一大清早,阿三把手扶拖拉机后面的一只拖斗用河水冲洗得干干净净,并且戴上了一朵昨天从街上买回来的大红花,静静地停靠在村口的水井旁,这是村里专门为送张娟红和赵英安排的交通工具。

在村东头,张娟红正在向隔壁聋膨太婆告别。

聋膨太婆是村里年纪最大的老人,今年已经九十二岁了。张娟红家离她家只有一墙之隔,小的时候几乎天天到她家玩耍,加上张娟红嘴巴又甜,整天太婆太婆地叫个不停,很讨聋膨太婆的欢心。听说,阿红今天就要出发去当兵了,聋膨太婆特地起了个大早,煮了满满一锅番薯和十几个茶叶蛋,说路上饿的时候可以拿出来当个点心。

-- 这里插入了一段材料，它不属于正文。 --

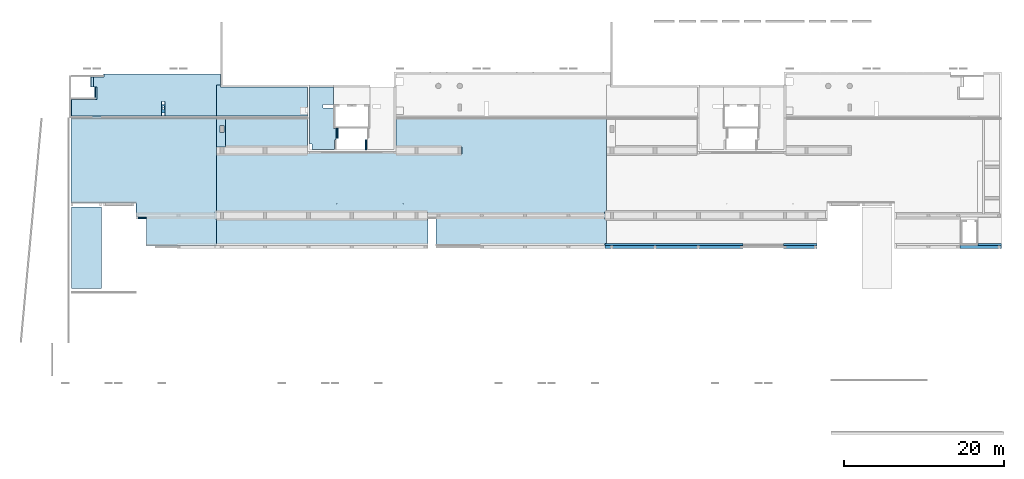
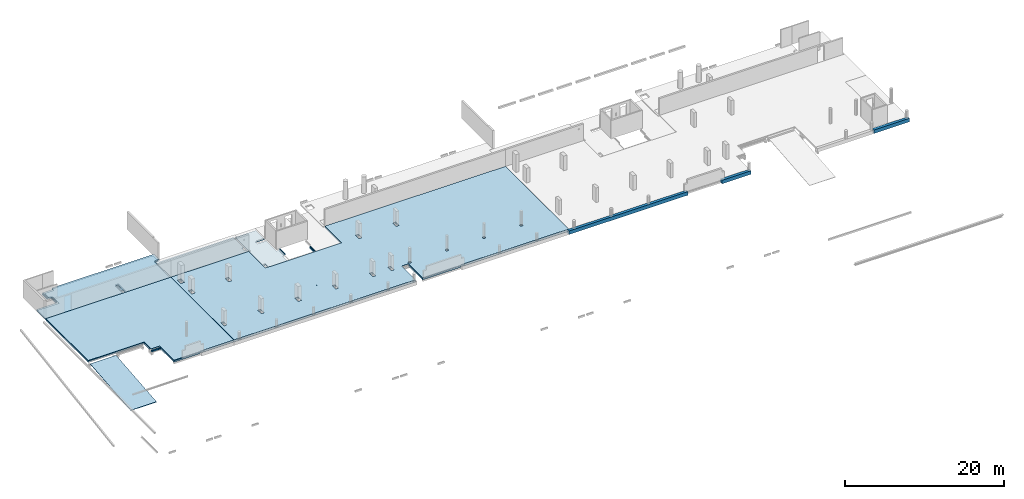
# One storey, part 4 of 10: 17 slabs, 4 beams, 24 openings.
"""IFC2X3 building model written with IfcOpenShell, lengths in millimetres."""

from ifc_helpers import new_model, entity, si_unit, converted_unit, derived_unit, direction, frame, frame_2d, origin, origin_2d_with_axis, place, context, subcontext, project, spatial, polyline, rectangle, circle, outline, extrude, clip, halfspace, faceted_brep, material, layer, layer_set, layer_usage, type_object, element, save


model = new_model("IFC2X3")

# Units and contexts
model_context = context("Model", 3, precision=0.01, world=origin(), true_north=direction((6.12303176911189e-17, 1.0)))
body_context = subcontext(model_context, "Body", "Model", "MODEL_VIEW")
ifc_project = project(units=[si_unit("LENGTHUNIT", "METRE", prefix="MILLI"), si_unit("AREAUNIT", "SQUARE_METRE"), si_unit("VOLUMEUNIT", "CUBIC_METRE"), converted_unit("PLANEANGLEUNIT", "DEGREE", entity("IfcRatioMeasure", 0.0174532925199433), si_unit("PLANEANGLEUNIT", "RADIAN"), dimensions=[0, 0, 0, 0, 0, 0, 0]), si_unit("MASSUNIT", "GRAM", prefix="KILO"), derived_unit("MASSDENSITYUNIT", [(si_unit("MASSUNIT", "GRAM", prefix="KILO"), 1), (si_unit("LENGTHUNIT", "METRE"), -3)]), si_unit("TIMEUNIT", "SECOND"), si_unit("FREQUENCYUNIT", "HERTZ"), si_unit("THERMODYNAMICTEMPERATUREUNIT", "DEGREE_CELSIUS"), derived_unit("THERMALTRANSMITTANCEUNIT", [(si_unit("MASSUNIT", "GRAM", prefix="KILO"), 1), (si_unit("THERMODYNAMICTEMPERATUREUNIT", "KELVIN"), -1), (si_unit("TIMEUNIT", "SECOND"), -3)]), derived_unit("VOLUMETRICFLOWRATEUNIT", [(si_unit("LENGTHUNIT", "METRE"), 3), (si_unit("TIMEUNIT", "SECOND"), -1)]), si_unit("ELECTRICCURRENTUNIT", "AMPERE"), si_unit("ELECTRICVOLTAGEUNIT", "VOLT"), si_unit("POWERUNIT", "WATT"), si_unit("FORCEUNIT", "NEWTON", prefix="KILO"), si_unit("ILLUMINANCEUNIT", "LUX"), si_unit("LUMINOUSFLUXUNIT", "LUMEN"), si_unit("LUMINOUSINTENSITYUNIT", "CANDELA"), derived_unit("USERDEFINED", [(si_unit("MASSUNIT", "GRAM", prefix="KILO"), -1), (si_unit("LENGTHUNIT", "METRE"), -2), (si_unit("TIMEUNIT", "SECOND"), 3), (si_unit("LUMINOUSFLUXUNIT", "LUMEN"), 1)]), derived_unit("LINEARVELOCITYUNIT", [(si_unit("LENGTHUNIT", "METRE"), 1), (si_unit("TIMEUNIT", "SECOND"), -1)]), si_unit("PRESSUREUNIT", "PASCAL"), derived_unit("USERDEFINED", [(si_unit("LENGTHUNIT", "METRE"), -2), (si_unit("MASSUNIT", "GRAM", prefix="KILO"), 1), (si_unit("TIMEUNIT", "SECOND"), -2)])], contexts=[model_context])

# Site, building, storey
site_placement = place(None, origin())
site = spatial("IfcSite", under=ifc_project, at=site_placement, Name="Default", CompositionType="ELEMENT")
building_placement = place(site_placement, origin())
building = spatial("IfcBuilding", under=site, at=building_placement, Name="niet gebruiken", CompositionType="ELEMENT")
storey_placement = place(building_placement, frame((0.0, 0.0, 6610.0)))
storey = spatial("IfcBuildingStorey", under=building, at=storey_placement, Name="01c derde tussenverdieping", CompositionType="ELEMENT", Elevation=6610.0)

# Beams
ifc_material_1 = material(Name="NLRS_f2_beton prefab")
beam_type_1 = type_object("IfcBeamType", Name="NLRS_28.11_SF_WPB_prefabbeton balk enkele sponning_gen:600x540/200x200", PredefinedType="BEAM")
beam_1_placement = place(storey_placement, frame((74750.0, 24776.0, -530.0)))
element("IfcBeam", 1, at=beam_1_placement, inside=storey, type_object=beam_type_1, material=ifc_material_1, Name="NLRS_28.11_SF_WPB_prefabbeton balk enkele sponning_gen:600x540/200x200", ObjectType="NLRS_28.11_SF_WPB_prefabbeton balk enkele sponning_gen:600x540/200x200", context=body_context, shape_type="Brep", body=[
    faceted_brep([(0.0, 600.0, 0.0), (0.0, 0.0, 0.0), (0.0, 0.0, 540.0), (0.0, 400.0, 540.0), (0.0, 400.0, 530.0), (0.0, 400.0, 460.0), (0.0, 400.0, 200.0), (0.0, 600.0, 200.0), (17250.0, 600.0, 200.0), (17250.0, 400.0, 200.0), (17250.0, 400.0, 460.0), (17250.0, 325.0, 460.0), (17250.0, 325.0, 530.0), (17250.0, 400.0, 530.0), (17250.0, 400.0, 540.0), (17250.0, 0.0, 540.0), (17250.0, 0.0, 0.0), (17250.0, 600.0, 0.0), (16850.0, 400.0, 530.0), (16850.0, 400.0, 460.0), (16850.0, 325.0, 460.0), (16850.0, 325.0, 530.0)], [[[0, 1, 2, 3, 4, 5, 6, 7]], [[8, 9, 10, 11, 12, 13, 14, 15, 16, 17]], [[3, 2, 15, 14]], [[3, 14, 13, 18, 19, 10, 9, 6, 5, 4]], [[7, 6, 9, 8]], [[0, 7, 8, 17]], [[1, 0, 17, 16]], [[2, 1, 16, 15]], [[19, 20, 11, 10]], [[20, 21, 12, 11]], [[20, 19, 18, 21]], [[21, 18, 13, 12]]]),
])
beam_2_placement = place(storey_placement, frame((97000.0, 24776.0, -530.0)))
element("IfcBeam", 2, at=beam_2_placement, inside=storey, type_object=beam_type_1, material=ifc_material_1, Name="NLRS_28.11_SF_WPB_prefabbeton balk enkele sponning_gen:600x540/200x200", ObjectType="NLRS_28.11_SF_WPB_prefabbeton balk enkele sponning_gen:600x540/200x200", context=body_context, shape_type="Brep", body=[
    faceted_brep([(0.0, 600.0, 0.0), (0.0, 0.0, 0.0), (0.0, 0.0, 540.0), (0.0, 400.0, 540.0), (0.0, 400.0, 530.0), (0.0, 325.0, 530.0), (0.0, 325.0, 460.0), (0.0, 400.0, 460.0), (0.0, 400.0, 200.0), (0.0, 600.0, 200.0), (4205.0, 600.0, 200.0), (4205.0, 400.0, 200.0), (4205.0, 400.0, 460.0), (4205.0, 400.0, 530.0), (4205.0, 400.0, 540.0), (4205.0, 0.0, 540.0), (4205.0, 0.0, 0.0), (4205.0, 600.0, 0.0), (400.0, 400.0, 460.0), (400.0, 400.0, 530.0), (400.0, 325.0, 460.0), (400.0, 325.0, 530.0)], [[[0, 1, 2, 3, 4, 5, 6, 7, 8, 9]], [[10, 11, 12, 13, 14, 15, 16, 17]], [[3, 2, 15, 14]], [[3, 14, 13, 12, 11, 8, 7, 18, 19, 4]], [[9, 8, 11, 10]], [[0, 9, 10, 17]], [[1, 0, 17, 16]], [[2, 1, 16, 15]], [[20, 18, 7, 6]], [[18, 20, 21, 19]], [[21, 20, 6, 5]], [[19, 21, 5, 4]]]),
])
beam_3_placement = place(storey_placement, frame((119020.0, 24776.0, -530.0)))
element("IfcBeam", 3, at=beam_3_placement, inside=storey, type_object=beam_type_1, material=ifc_material_1, Name="NLRS_28.11_SF_WPB_prefabbeton balk enkele sponning_gen:600x540/200x200", ObjectType="NLRS_28.11_SF_WPB_prefabbeton balk enkele sponning_gen:600x540/200x200", context=body_context, shape_type="Brep", body=[
    faceted_brep([(0.0, 0.0, 540.0), (0.0, 400.0, 540.0), (0.0, 400.0, 530.0), (0.0, 400.0, 460.0), (0.0, 400.0, 0.0), (0.0, 0.0, 0.0), (5180.0, 600.0, 200.0), (5180.0, 400.0, 200.0), (5180.0, 400.0, 460.0), (5180.0, 400.0, 530.0), (5180.0, 400.0, 540.0), (5180.0, 0.0, 540.0), (5180.0, 0.0, 0.0), (5180.0, 600.0, 0.0), (2225.0, 400.0, 200.0), (2225.0, 400.0, 0.0), (2225.0, 600.0, 200.0), (2225.0, 600.0, 0.0)], [[[0, 1, 2, 3, 4, 5]], [[6, 7, 8, 9, 10, 11, 12, 13]], [[1, 0, 11, 10]], [[7, 14, 15, 4, 3, 2, 1, 10, 9, 8]], [[7, 6, 16, 14]], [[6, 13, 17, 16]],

阿红扶着聋膨太婆,一张嘴巴凑在她的耳朵旁边,大声地说:“太婆,您要好好保重身体,等我回来再来看您。”

“好,好。等你回来,我再煮茶叶蛋给你吃。”说完,一只干瘪的手颤颤巍巍地摸了摸阿红的脸。

阿红也乖巧地把脸凑了过去。

村西边,赵英挽着妈的胳膊,弟弟帮她背着背包拎着旅行袋紧随在后面,缓缓朝着村口方向走来。

路过一邻居家门口时,一个坐在坐车里的两岁宝宝看见赵英,张着两只胖乎乎小手“咿咿呀呀”地想抱。赵英俯下身去一把把小孩抱起,在稚嫩的小脸上“吱”的一声:“宝宝啊,快快长大,阿姨就要当兵去了,下次回来时可别不认识我哦。”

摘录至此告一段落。